One need only point to Harold Innis, Marshall McLuhan, Lewis Mumford, Elizabeth Eisenstein, and James Carey for examples of influential figures who have addressed the intersection of history and the media.
Historical inquiry in the field of communication has never really developed institutionally to match the kind of professionalization one finds in, for instance, subfields of history itself.
The Long History of New Media: Technology, Historiography, and Contextualizing Newness - ProQuest
Though there are influential intellectual lodestars such as Innis to guide our inquiry, communication history lacks a clear disciplinary identity.
However, this need not be a problem. Strong disciplinary identities bring with them not only solid footing and well-rehearsed the long history of new media standpoints. They also come with their own blind spots, verification-oriented research projects that offer little in the way of innovation, and potentially stifling conditions for the new media researcher.
Introduction: History and New Media — The Long History of New Media
The history of new media, as found here, partakes of some of the freedom and dexterity that is granted to those on the margins.

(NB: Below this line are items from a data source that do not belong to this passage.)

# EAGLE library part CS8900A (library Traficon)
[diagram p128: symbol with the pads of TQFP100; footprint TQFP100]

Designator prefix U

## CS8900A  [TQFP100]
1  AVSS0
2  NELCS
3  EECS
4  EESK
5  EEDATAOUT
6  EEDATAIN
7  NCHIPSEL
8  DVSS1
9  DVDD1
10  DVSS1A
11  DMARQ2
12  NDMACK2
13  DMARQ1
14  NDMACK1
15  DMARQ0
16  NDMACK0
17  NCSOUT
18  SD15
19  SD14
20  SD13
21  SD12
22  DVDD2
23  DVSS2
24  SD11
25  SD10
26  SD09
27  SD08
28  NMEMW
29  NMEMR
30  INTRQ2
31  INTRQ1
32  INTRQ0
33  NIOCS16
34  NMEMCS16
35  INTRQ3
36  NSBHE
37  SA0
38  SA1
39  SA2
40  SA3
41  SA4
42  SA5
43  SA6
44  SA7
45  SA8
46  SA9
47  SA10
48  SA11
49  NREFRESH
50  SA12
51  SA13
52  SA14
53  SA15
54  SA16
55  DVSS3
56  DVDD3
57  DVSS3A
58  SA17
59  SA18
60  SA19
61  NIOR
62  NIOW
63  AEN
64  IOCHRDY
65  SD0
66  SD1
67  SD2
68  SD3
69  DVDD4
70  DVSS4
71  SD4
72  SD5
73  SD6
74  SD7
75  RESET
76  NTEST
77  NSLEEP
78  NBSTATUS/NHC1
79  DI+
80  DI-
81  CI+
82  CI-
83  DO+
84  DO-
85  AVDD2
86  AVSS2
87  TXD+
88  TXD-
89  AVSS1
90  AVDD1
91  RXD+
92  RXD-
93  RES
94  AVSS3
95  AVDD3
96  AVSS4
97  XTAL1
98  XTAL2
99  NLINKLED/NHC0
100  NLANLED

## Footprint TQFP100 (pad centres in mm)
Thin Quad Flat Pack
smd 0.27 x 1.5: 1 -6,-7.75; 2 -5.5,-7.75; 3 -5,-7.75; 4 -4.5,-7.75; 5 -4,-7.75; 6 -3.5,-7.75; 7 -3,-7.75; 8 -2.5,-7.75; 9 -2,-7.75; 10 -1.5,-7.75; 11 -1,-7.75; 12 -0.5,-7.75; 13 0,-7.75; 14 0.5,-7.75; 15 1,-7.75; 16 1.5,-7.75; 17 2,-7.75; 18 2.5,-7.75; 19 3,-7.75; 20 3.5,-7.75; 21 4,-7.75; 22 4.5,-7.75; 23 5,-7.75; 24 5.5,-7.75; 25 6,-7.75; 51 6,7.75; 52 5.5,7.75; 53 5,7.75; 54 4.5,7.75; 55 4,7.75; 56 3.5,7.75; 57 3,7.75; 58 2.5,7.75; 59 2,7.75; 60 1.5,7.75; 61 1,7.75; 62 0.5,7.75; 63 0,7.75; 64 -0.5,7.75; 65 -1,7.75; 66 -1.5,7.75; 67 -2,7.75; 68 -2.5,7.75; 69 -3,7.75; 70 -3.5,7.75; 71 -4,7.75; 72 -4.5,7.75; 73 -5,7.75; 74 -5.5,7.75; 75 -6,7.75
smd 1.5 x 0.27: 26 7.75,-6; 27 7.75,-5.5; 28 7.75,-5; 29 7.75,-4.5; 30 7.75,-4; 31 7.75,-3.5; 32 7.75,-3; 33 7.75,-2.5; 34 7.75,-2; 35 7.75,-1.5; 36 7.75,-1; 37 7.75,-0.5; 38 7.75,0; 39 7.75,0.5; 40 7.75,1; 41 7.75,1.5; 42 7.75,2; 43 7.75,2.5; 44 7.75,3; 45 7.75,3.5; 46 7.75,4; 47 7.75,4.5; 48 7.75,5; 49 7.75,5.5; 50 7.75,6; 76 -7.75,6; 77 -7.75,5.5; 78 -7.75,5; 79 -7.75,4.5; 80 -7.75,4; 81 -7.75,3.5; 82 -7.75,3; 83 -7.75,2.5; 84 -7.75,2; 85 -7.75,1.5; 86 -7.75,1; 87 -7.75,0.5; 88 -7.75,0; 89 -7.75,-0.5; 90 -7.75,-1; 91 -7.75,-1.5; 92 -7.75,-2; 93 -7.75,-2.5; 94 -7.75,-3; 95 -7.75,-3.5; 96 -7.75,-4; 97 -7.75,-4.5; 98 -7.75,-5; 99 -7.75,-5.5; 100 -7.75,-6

The emphasis on history here will we hope bring the fruits of the historical enterprise into conversation with other disciplines, and with a the long history of new media of ideas.
In this sense, perhaps there is something new here. First, the volume has been developed in an attempt to nurture our awareness of how media operate not only as subjects for historical inquiry, but also as the substance of all history.
The Long History of New Media
the long history of new media This can be found most obviously in the section dedicated to historiography, but the echoes of this basic insight resonate across the volume. Second, this volume sets a course for an approach to history that is, we hope, less tied to print and writing silent, visual media than many other historical approaches.
In this sense, the volume is inspired by developments in contemporary new media, with their bundles of sensory outputs. History is not only written and read.
It is also seen, heard, and felt. The history of new media will require an awareness of the varieties of media experience. Third, this volume underlines the potential for new media history to take newness seriously. There is no need simply to test or verify the ideas that have propelled the study of media for decades.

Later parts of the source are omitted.